TABLE-US-00002 TABLE 2 Temperature of Temperature of Duration of the Vessel 1 (° C.) at Vessel 2 (° C.) at experiment the start of the the start of the (days) Cycle cycle cycle 0.0 1 35 35 0.5 2 34.9 34.6 1.0 3 34.6 34.4 1.5 4 34.4 34 2.0 5 34.4 34 2.5 6 34 33.6 3.0 7 33.6 32.8 3.5 8 32.8 31.9 4.0 9 31.9 30.9 4.5 10 30.9 29.9 5.0 11 29.9 28.9 5.5 12 28.9 27.9 6.0 13 27.9 26.9 6.5 14 26.9 25.9 7.0 15 25.9 24.9

[0310] The results obtained are shown in the attached FIG. 9.

[0311] In this figure the temperature (° C.) is a function of the number of days. The curve with the solid diamonds corresponds to the experiment performed in vessel RC1 and the curve with the solid squares corresponds to the experiment performed in vessel RC2.

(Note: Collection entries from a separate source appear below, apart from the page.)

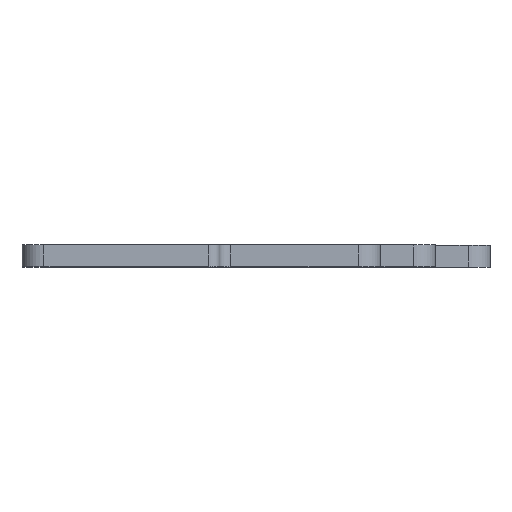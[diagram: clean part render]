
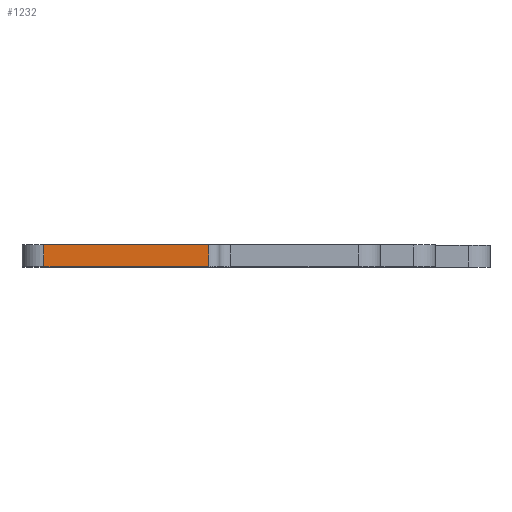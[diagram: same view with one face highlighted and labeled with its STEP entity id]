
A CAD part, top view. The second image highlights one B-rep face of the part: STEP entity #1232.
In plain terms, the highlighted planar face has unit normal (0, 0, 1).
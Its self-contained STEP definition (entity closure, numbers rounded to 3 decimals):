
#84 = DIRECTION ( 'NONE',  ( -1., 0., 0. ) ) ;
#130 = ORIENTED_EDGE ( 'NONE', *, *, #3557, .F. ) ;
#240 = DIRECTION ( 'NONE',  ( 0., -1., 0. ) ) ;
#387 = LINE ( 'NONE', #2113, #4189 ) ;
#452 = ORIENTED_EDGE ( 'NONE', *, *, #4737, .T. ) ;
#524 = CARTESIAN_POINT ( 'NONE',  ( -5., 0., 30. ) ) ;
#557 = VERTEX_POINT ( 'NONE', #2709 ) ;
#637 = EDGE_LOOP ( 'NONE', ( #452, #130, #1311, #1036 ) ) ;
#730 = DIRECTION ( 'NONE',  ( 1., 0., 0. ) ) ;
#774 = VERTEX_POINT ( 'NONE', #2252 ) ;
#796 = CARTESIAN_POINT ( 'NONE',  ( -80., 10., 30. ) ) ;
#1036 = ORIENTED_EDGE ( 'NONE', *, *, #3618, .T. ) ;
#1101 = EDGE_CURVE ( 'NONE', #4526, #557, #4601, .T. ) ;
#1219 = FACE_OUTER_BOUND ( 'NONE', #637, .T. ) ;
#1232 = ADVANCED_FACE ( 'NONE', ( #1219 ), #4616, .F. ) ;
#1260 = AXIS2_PLACEMENT_3D ( 'NONE', #2330, #1603, #84 ) ;
#1311 = ORIENTED_EDGE ( 'NONE', *, *, #1101, .F. ) ;
#1389 = CARTESIAN_POINT ( 'NONE',  ( -5., 0., 30. ) ) ;
#1603 = DIRECTION ( 'NONE',  ( 0., 0., -1. ) ) ;
#1732 = CARTESIAN_POINT ( 'NONE',  ( -80., 10., 30. ) ) ;
#1754 = DIRECTION ( 'NONE',  ( 0., -1., 0. ) ) ;
#2028 = VECTOR ( 'NONE', #1754, 1000. ) ;
#2046 = VECTOR ( 'NONE', #730, 1000. ) ;
#2113 = CARTESIAN_POINT ( 'NONE',  ( -5., 10., 30. ) ) ;
#2252 = CARTESIAN_POINT ( 'NONE',  ( -80., 0., 30. ) ) ;
#2330 = CARTESIAN_POINT ( 'NONE',  ( -5., 10., 30. ) ) ;
#2510 = DIRECTION ( 'NONE',  ( 1., 0., 0. ) ) ;
#2570 = VERTEX_POINT ( 'NONE', #524 ) ;
#2709 = CARTESIAN_POINT ( 'NONE',  ( -5., 10., 30. ) ) ;
#2754 = LINE ( 'NONE', #1389, #3108 ) ;
#2933 = LINE ( 'NONE', #1732, #2028 ) ;
#3108 = VECTOR ( 'NONE', #2510, 1000. ) ;
#3557 = EDGE_CURVE ( 'NONE', #557, #2570, #387, .T. ) ;
#3618 = EDGE_CURVE ( 'NONE', #4526, #774, #2933, .T. ) ;
#3843 = CARTESIAN_POINT ( 'NONE',  ( -5., 10., 30. ) ) ;
#4189 = VECTOR ( 'NONE', #240, 1000. ) ;
#4526 = VERTEX_POINT ( 'NONE', #796 ) ;
#4601 = LINE ( 'NONE', #3843, #2046 ) ;
#4616 = PLANE ( 'NONE',  #1260 ) ;
#4737 = EDGE_CURVE ( 'NONE', #774, #2570, #2754, .T. ) ;
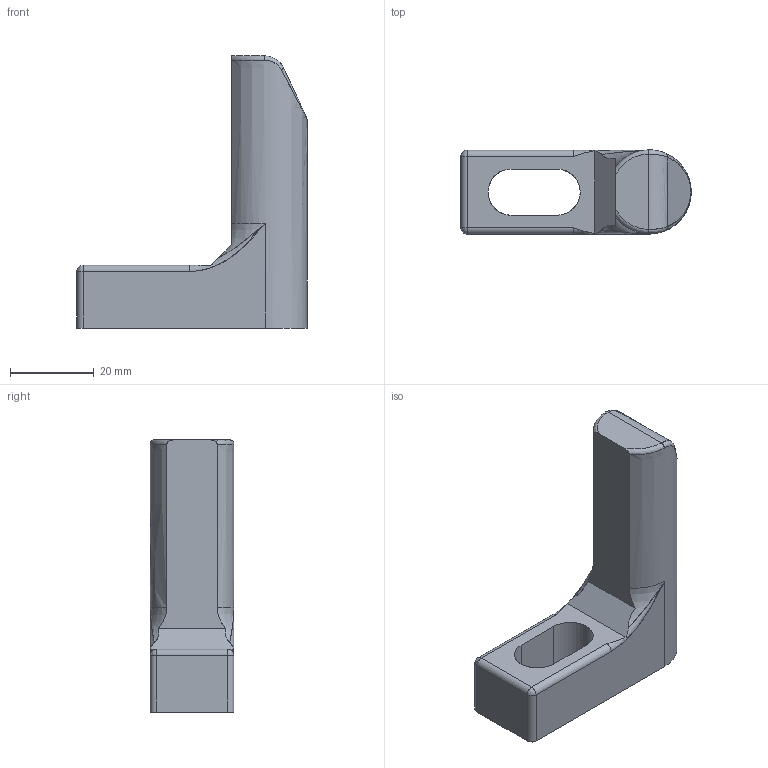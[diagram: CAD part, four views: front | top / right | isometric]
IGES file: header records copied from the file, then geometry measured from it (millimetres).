
Start section: START RECORD GO HERE.
Global section: file name: 704-2.igs; native system: DASSAULT SYSTEMES CATIA V5 R20 - www.3ds.com; preprocessor: CATIA Version 5 Release 20 ; author: Utente; organization: NB04-ASUS; date: 20201129.132631; units: millimetre
Bounding box: 55 x 20 x 65 mm (x, y, z)
Surface area: 7506.5 mm2 (no closed solid volume)
Topology: 0 solids, 0 shells, 35 faces, 178 edges, 174 vertices
Faces by surface type: revolution 18, plane 11, bspline 6
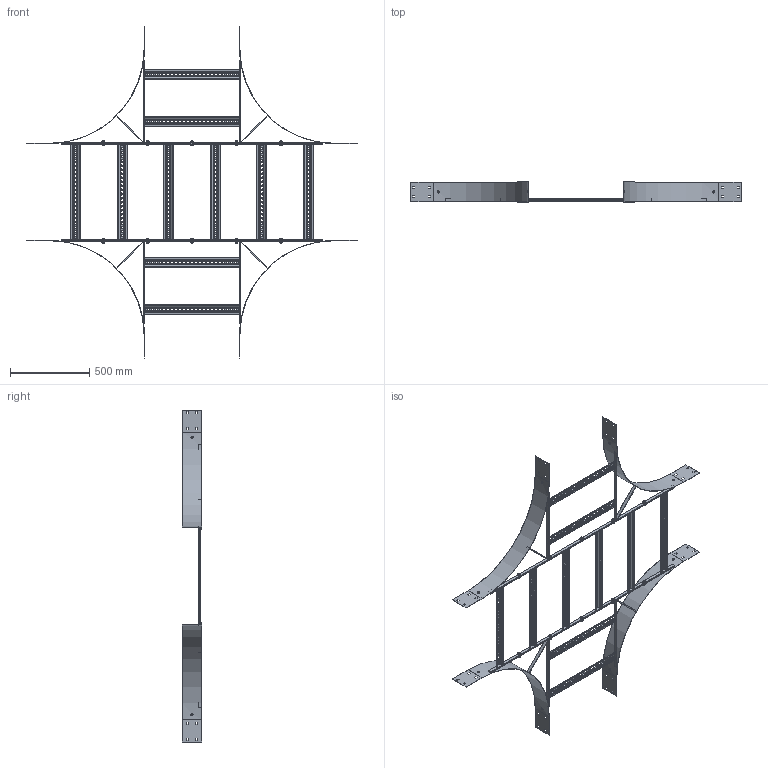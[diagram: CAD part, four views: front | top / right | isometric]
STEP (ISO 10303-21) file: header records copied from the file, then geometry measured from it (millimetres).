
FILE_DESCRIPTION (( 'STEP AP203' ), '1' );
FILE_NAME ('N3 C 6006.STEP', '2024-08-27T05:03:50', ( '' ), ( '' ), 'SwSTEP 2.0', 'SolidWorks 2023', '' );
FILE_SCHEMA (( 'CONFIG_CONTROL_DESIGN' ));
Length unit declared in the file: millimetre
Products named in the file (14): N3 RADIUS PLATE_N1-600 IR; Washers_M10 washer; Ladder Tee 20x5 Flat Bar_1645; Fascia bolt - M10x25_Fascia bolt; Ladder Rung_Ladder Rung -  600mm; N3C6006 horizontal_N3 C; Fascia Kit M10x25_4th position; CNH M10 Collar Nut_CNH M10 collar nut HDG; N3C6006 vertical with sides_N3 C; N3 C 6006; Ladder Tee 20x5 Flat Bar_240; Ladder Tee 20x5 Flat Bar_518
Assembly tree (33 placements, depth 3):
  N3 C 6006
    N3C6006 vertical with sides_N3 C  x2
      Ladder Tee 20x5 Flat Bar_1645
      N3 RADIUS PLATE_N1-600 IR
      Ladder Rung_Ladder Rung -  600mm
      Ladder Tee 20x5 Flat Bar_518
      Ladder Tee 20x5 Flat Bar_240
    N3C6006 horizontal_N3 C
      Ladder Rung_Ladder Rung -  600mm  x6
      Ladder Tee 20x5 Flat Bar_1645
      Ladder Tee 20x5 Flat Bar_1645
    Fascia Kit M10x25_4th position  x10
      Fascia bolt - M10x25_Fascia bolt
      Washers_M10 washer
      CNH M10 Collar Nut_CNH M10 collar nut HDG
Bounding box: 2085 x 124 x 2095 mm (x, y, z)
Volume: 2844317.1 mm3; surface area: 2589999.7 mm2
Topology: 56 solids, 56 shells, 3552 faces, 9498 edges, 6098 vertices
Faces by surface type: plane 2968, cylinder 204, cone 140, bspline 140, torus 80, sphere 20
Entity records: 17943 total; most frequent: CARTESIAN_POINT 4243, ORIENTED_EDGE 2466, DIRECTION 2263, EDGE_CURVE 1233, LINE 981, VECTOR 981, VERTEX_POINT 797, AXIS2_PLACEMENT_3D 641
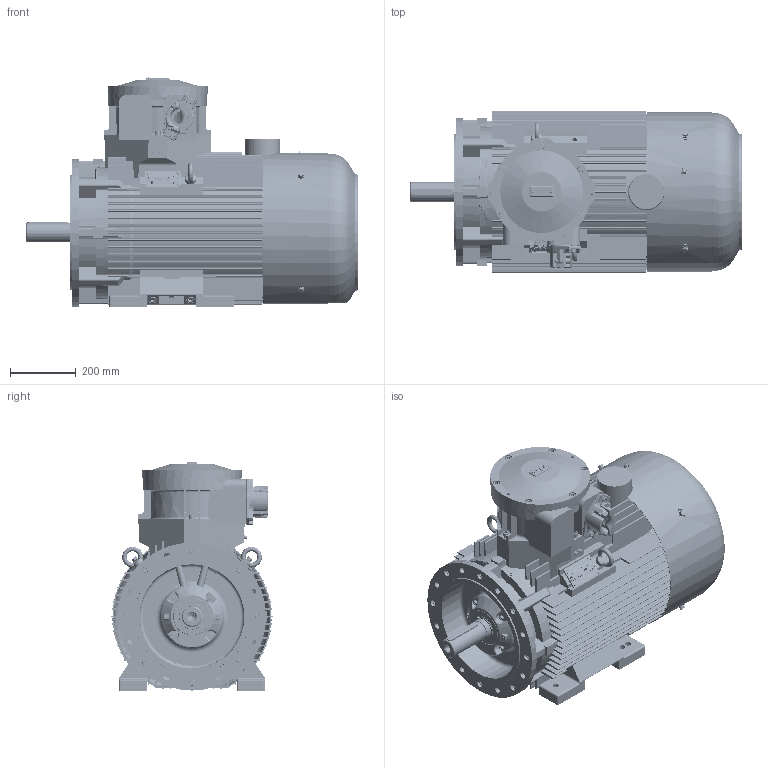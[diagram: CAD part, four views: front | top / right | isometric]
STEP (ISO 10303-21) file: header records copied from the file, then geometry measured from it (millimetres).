
FILE_DESCRIPTION(/* description */ ('Unknown'),/* implementation_level */ '2;1');
FILE_NAME(/* name */ 'Silnik cSTLe225 (S,M)(4-8) - wykonanie OUTSIDE !',/* time_stamp */ '2021-12-23T12:16:26+01:00',/* author */ ('Unknown'),/* organization */ ('Unknown'),/* preprocessor_version */ 'ST-DEVELOPER v16.7',/* originating_system */ 'DEX',/* authorisation */ $);
FILE_SCHEMA (('AUTOMOTIVE_DESIGN {1 0 10303 214 3 1 1}'));
Products named in the file (1): Silnik cSTLe225 (S,M)(4-8) - wykonanie OUTSIDE
Bounding box: 1009.13 x 489.83 x 696.46 mm (x, y, z)
Volume: 32930314.3 mm3; surface area: 7264145.3 mm2
Topology: 3 solids, 93 shells, 8974 faces, 24686 edges, 15887 vertices
Faces by surface type: plane 5663, cylinder 1900, cone 519, torus 376, bspline 354, sphere 162
Full cylindrical faces by diameter (mm): 1.2 x6, 1.6 x2, 2.459 x3, 2.5 x2, 3 x10, 3.1 x4, 3.2 x2, 3.4 x6, 4.773 x1, 4.917 x4, 5 x3, 6 x2, 6.2 x14, 6.3 x1, 6.4 x2, 6.466 x8, 6.5 x1, 6.647 x4, 8 x17, 8.16 x4, 8.376 x2, 8.8 x1, 8.917 x4, 9 x8, 9.853 x26, 10 x20, 10.106 x29, 10.5 x4, 12 x56, 13 x8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
Entity records: 355613 total; most frequent: CARTESIAN_POINT 71950, ORIENTED_EDGE 45686, DIRECTION 43454, EDGE_CURVE 22843, LINE 15944, VECTOR 15944, VERTEX_POINT 15203, AXIS2_PLACEMENT_3D 13755

[0312] These results show that the adaptation of the bacteria at 25° C. for a dilution rate or growth rate of 0.2 hours.sup.−1 is obtained in 7 days according to the method of the invention implementing the repeated mixing of the contents of 2 culture vessels, i.e. 2.6 times faster than according to the method of Experiment 3/not in accordance with the invention.

[0313] The benefit observed on the evolutionary adaptation method is indeed caused by the method according to the invention consisting of periodically combining and separating the suspensions coming from at least two culture vessels.